◆ **THE PROBLEM**
Using the data below, return the stretch from the line that contains "#5189=ORIENTED_EDGE('',*,*,#4037,.F.);" through the line that contains "#8010=AXIS2_PLACEMENT_3D('',#10666,#8756,#8757);", both included, exactly as it stands and nothing beyond it.

(Data extracted from a collection)
■ ■ ■ ■ ■ ■ ■

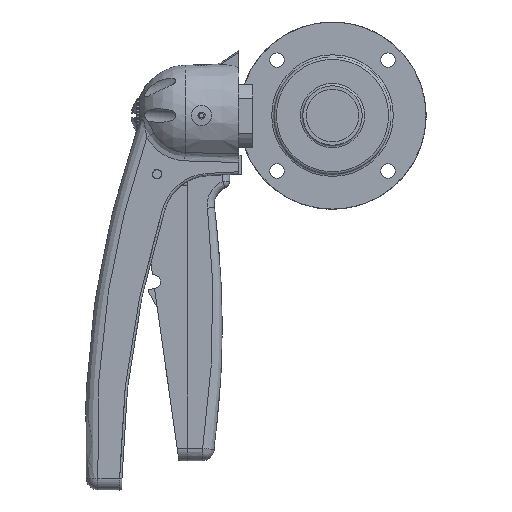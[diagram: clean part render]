
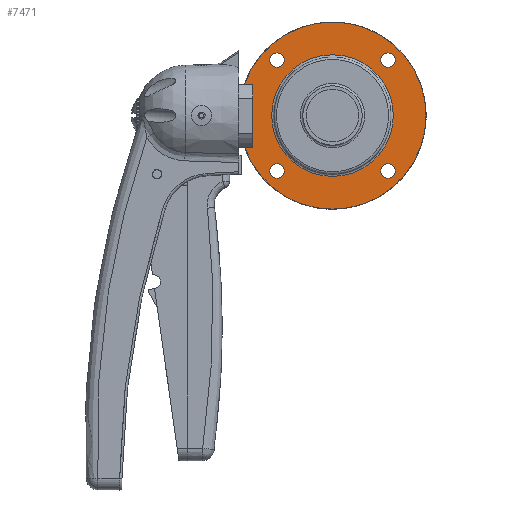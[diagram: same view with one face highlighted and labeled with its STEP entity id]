
A CAD part, top view. The second image highlights one B-rep face of the part: STEP entity #7471.
In plain terms, the highlighted planar face has unit normal (0, 0, 1).
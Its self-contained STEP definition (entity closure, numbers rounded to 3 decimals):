
#567=FACE_BOUND('',#1461,.T.);
#568=FACE_BOUND('',#1462,.T.);
#569=FACE_BOUND('',#1463,.T.);
#570=FACE_BOUND('',#1464,.T.);
#571=FACE_BOUND('',#1465,.T.);
#606=PLANE('',#8010);
#1032=FACE_OUTER_BOUND('',#1460,.T.);
#1460=EDGE_LOOP('',(#5189,#5190));
#1461=EDGE_LOOP('',(#5191,#5192));
#1462=EDGE_LOOP('',(#5193,#5194));
#1463=EDGE_LOOP('',(#5195,#5196));
#1464=EDGE_LOOP('',(#5197,#5198));
#1465=EDGE_LOOP('',(#5199,#5200));
#2969=CIRCLE('',#7964,3.1);
#2970=CIRCLE('',#7965,3.1);
#2972=CIRCLE('',#7968,3.1);
#2973=CIRCLE('',#7969,3.1);
#2975=CIRCLE('',#7972,3.1);
#2976=CIRCLE('',#7973,3.1);
#2978=CIRCLE('',#7976,3.1);
#2979=CIRCLE('',#7977,3.1);
#3001=CIRCLE('',#8008,26.);
#3002=CIRCLE('',#8009,26.);
#3003=CIRCLE('',#8011,40.);
#3004=CIRCLE('',#8012,40.);
#3270=VERTEX_POINT('',#10560);
#3271=VERTEX_POINT('',#10561);
#3273=VERTEX_POINT('',#10568);
#3274=VERTEX_POINT('',#10569);
#3276=VERTEX_POINT('',#10576);
#3277=VERTEX_POINT('',#10577);
#3279=VERTEX_POINT('',#10584);
#3280=VERTEX_POINT('',#10585);
#3301=VERTEX_POINT('',#10661);
#3302=VERTEX_POINT('',#10663);
#3303=VERTEX_POINT('',#10667);
#3304=VERTEX_POINT('',#10668);
#3993=EDGE_CURVE('',#3270,#3271,#2969,.T.);
#3994=EDGE_CURVE('',#3271,#3270,#2970,.T.);
#3997=EDGE_CURVE('',#3273,#3274,#2972,.T.);
#3998=EDGE_CURVE('',#3274,#3273,#2973,.T.);
#4001=EDGE_CURVE('',#3276,#3277,#2975,.T.);
#4002=EDGE_CURVE('',#3277,#3276,#2976,.T.);
#4005=EDGE_CURVE('',#3279,#3280,#2978,.T.);
#4006=EDGE_CURVE('',#3280,#3279,#2979,.T.);
#4035=EDGE_CURVE('',#3302,#3301,#3001,.T.);
#4036=EDGE_CURVE('',#3301,#3302,#3002,.T.);
#4037=EDGE_CURVE('',#3303,#3304,#3003,.T.);
#4038=EDGE_CURVE('',#3304,#3303,#3004,.T.);
#5189=ORIENTED_EDGE('',*,*,#4037,.F.);
#5190=ORIENTED_EDGE('',*,*,#4038,.F.);
#5191=ORIENTED_EDGE('',*,*,#3993,.T.);
#5192=ORIENTED_EDGE('',*,*,#3994,.T.);
#5193=ORIENTED_EDGE('',*,*,#3997,.T.);
#5194=ORIENTED_EDGE('',*,*,#3998,.T.);
#5195=ORIENTED_EDGE('',*,*,#4001,.T.);
#5196=ORIENTED_EDGE('',*,*,#4002,.T.);
#5197=ORIENTED_EDGE('',*,*,#4005,.T.);
#5198=ORIENTED_EDGE('',*,*,#4006,.T.);
#5199=ORIENTED_EDGE('',*,*,#4035,.T.);
#5200=ORIENTED_EDGE('',*,*,#4036,.T.);
#7471=ADVANCED_FACE('',(#1032,#567,#568,#569,#570,#571),#606,.T.);
#7964=AXIS2_PLACEMENT_3D('',#10562,#8655,#8656);
#7965=AXIS2_PLACEMENT_3D('',#10563,#8657,#8658);
#7968=AXIS2_PLACEMENT_3D('',#10570,#8664,#8665);
#7969=AXIS2_PLACEMENT_3D('',#10571,#8666,#8667);
#7972=AXIS2_PLACEMENT_3D('',#10578,#8673,#8674);
#7973=AXIS2_PLACEMENT_3D('',#10579,#8675,#8676);
#7976=AXIS2_PLACEMENT_3D('',#10586,#8682,#8683);
#7977=AXIS2_PLACEMENT_3D('',#10587,#8684,#8685);
#8008=AXIS2_PLACEMENT_3D('',#10664,#8752,#8753);
#8009=AXIS2_PLACEMENT_3D('',#10665,#8754,#8755);
#8010=AXIS2_PLACEMENT_3D('',#10666,#8756,#8757);
#8011=AXIS2_PLACEMENT_3D('',#10669,#8758,#8759);
#8012=AXIS2_PLACEMENT_3D('',#10670,#8760,#8761);
#8655=DIRECTION('center_axis',(0.,0.,-1.));
#8656=DIRECTION('ref_axis',(-1.,0.,0.));
#8657=DIRECTION('center_axis',(0.,0.,-1.));
#8658=DIRECTION('ref_axis',(-1.,0.,0.));
#8664=DIRECTION('center_axis',(0.,0.,-1.));
#8665=DIRECTION('ref_axis',(-1.,0.,0.));
#8666=DIRECTION('center_axis',(0.,0.,-1.));
#8667=DIRECTION('ref_axis',(-1.,0.,0.));
#8673=DIRECTION('center_axis',(0.,0.,-1.));
#8674=DIRECTION('ref_axis',(1.,0.,0.));
#8675=DIRECTION('center_axis',(0.,0.,-1.));
#8676=DIRECTION('ref_axis',(1.,0.,0.));
#8682=DIRECTION('center_axis',(0.,0.,-1.));
#8683=DIRECTION('ref_axis',(1.,0.,0.));
#8684=DIRECTION('center_axis',(0.,0.,-1.));
#8685=DIRECTION('ref_axis',(1.,0.,0.));
#8752=DIRECTION('center_axis',(0.,0.,-1.));
#8753=DIRECTION('ref_axis',(0.,1.,0.));
#8754=DIRECTION('center_axis',(0.,0.,-1.));
#8755=DIRECTION('ref_axis',(0.,1.,0.));
#8756=DIRECTION('center_axis',(0.,0.,1.));
#8757=DIRECTION('ref_axis',(1.,0.,0.));
#8758=DIRECTION('center_axis',(0.,0.,-1.));
#8759=DIRECTION('ref_axis',(0.,1.,0.));
#8760=DIRECTION('center_axis',(0.,0.,-1.));
#8761=DIRECTION('ref_axis',(0.,1.,0.));
#10560=CARTESIAN_POINT('',(20.588,23.688,10.));
#10561=CARTESIAN_POINT('',(26.788,23.688,10.));
#10562=CARTESIAN_POINT('Origin',(23.688,23.688,10.));
#10563=CARTESIAN_POINT('Origin',(23.688,23.688,10.));
#10568=CARTESIAN_POINT('',(20.588,-23.688,10.));
#10569=CARTESIAN_POINT('',(26.788,-23.688,10.));
#10570=CARTESIAN_POINT('Origin',(23.688,-23.688,10.));
#10571=CARTESIAN_POINT('Origin',(23.688,-23.688,10.));
#10576=CARTESIAN_POINT('',(-20.588,23.688,10.));
#10577=CARTESIAN_POINT('',(-26.788,23.688,10.));
#10578=CARTESIAN_POINT('Origin',(-23.688,23.688,10.));
#10579=CARTESIAN_POINT('Origin',(-23.688,23.688,10.));
#10584=CARTESIAN_POINT('',(-20.588,-23.688,10.));
#10585=CARTESIAN_POINT('',(-26.788,-23.688,10.));
#10586=CARTESIAN_POINT('Origin',(-23.688,-23.688,10.));
#10587=CARTESIAN_POINT('Origin',(-23.688,-23.688,10.));
#10661=CARTESIAN_POINT('',(26.,0.,10.));
#10663=CARTESIAN_POINT('',(0.,26.,10.));
#10664=CARTESIAN_POINT('Origin',(0.,0.,10.));
#10665=CARTESIAN_POINT('Origin',(0.,0.,10.));
#10666=CARTESIAN_POINT('Origin',(0.,33.,10.));
#10667=CARTESIAN_POINT('',(0.,40.,10.));
#10668=CARTESIAN_POINT('',(0.,-40.,10.));
#10669=CARTESIAN_POINT('Origin',(0.,0.,10.));
#10670=CARTESIAN_POINT('Origin',(0.,0.,10.));

■ ■ ■ ■ ■ ■ ■

◆ **EXERCISE SOLUTION**
#5189=ORIENTED_EDGE('',*,*,#4037,.F.);
#5190=ORIENTED_EDGE('',*,*,#4038,.F.);
#5191=ORIENTED_EDGE('',*,*,#3993,.T.);
#5192=ORIENTED_EDGE('',*,*,#3994,.T.);
#5193=ORIENTED_EDGE('',*,*,#3997,.T.);
#5194=ORIENTED_EDGE('',*,*,#3998,.T.);
#5195=ORIENTED_EDGE('',*,*,#4001,.T.);
#5196=ORIENTED_EDGE('',*,*,#4002,.T.);
#5197=ORIENTED_EDGE('',*,*,#4005,.T.);
#5198=ORIENTED_EDGE('',*,*,#4006,.T.);
#5199=ORIENTED_EDGE('',*,*,#4035,.T.);
#5200=ORIENTED_EDGE('',*,*,#4036,.T.);
#7471=ADVANCED_FACE('',(#1032,#567,#568,#569,#570,#571),#606,.T.);
#7964=AXIS2_PLACEMENT_3D('',#10562,#8655,#8656);
#7965=AXIS2_PLACEMENT_3D('',#10563,#8657,#8658);
#7968=AXIS2_PLACEMENT_3D('',#10570,#8664,#8665);
#7969=AXIS2_PLACEMENT_3D('',#10571,#8666,#8667);
#7972=AXIS2_PLACEMENT_3D('',#10578,#8673,#8674);
#7973=AXIS2_PLACEMENT_3D('',#10579,#8675,#8676);
#7976=AXIS2_PLACEMENT_3D('',#10586,#8682,#8683);
#7977=AXIS2_PLACEMENT_3D('',#10587,#8684,#8685);
#8008=AXIS2_PLACEMENT_3D('',#10664,#8752,#8753);
#8009=AXIS2_PLACEMENT_3D('',#10665,#8754,#8755);
#8010=AXIS2_PLACEMENT_3D('',#10666,#8756,#8757);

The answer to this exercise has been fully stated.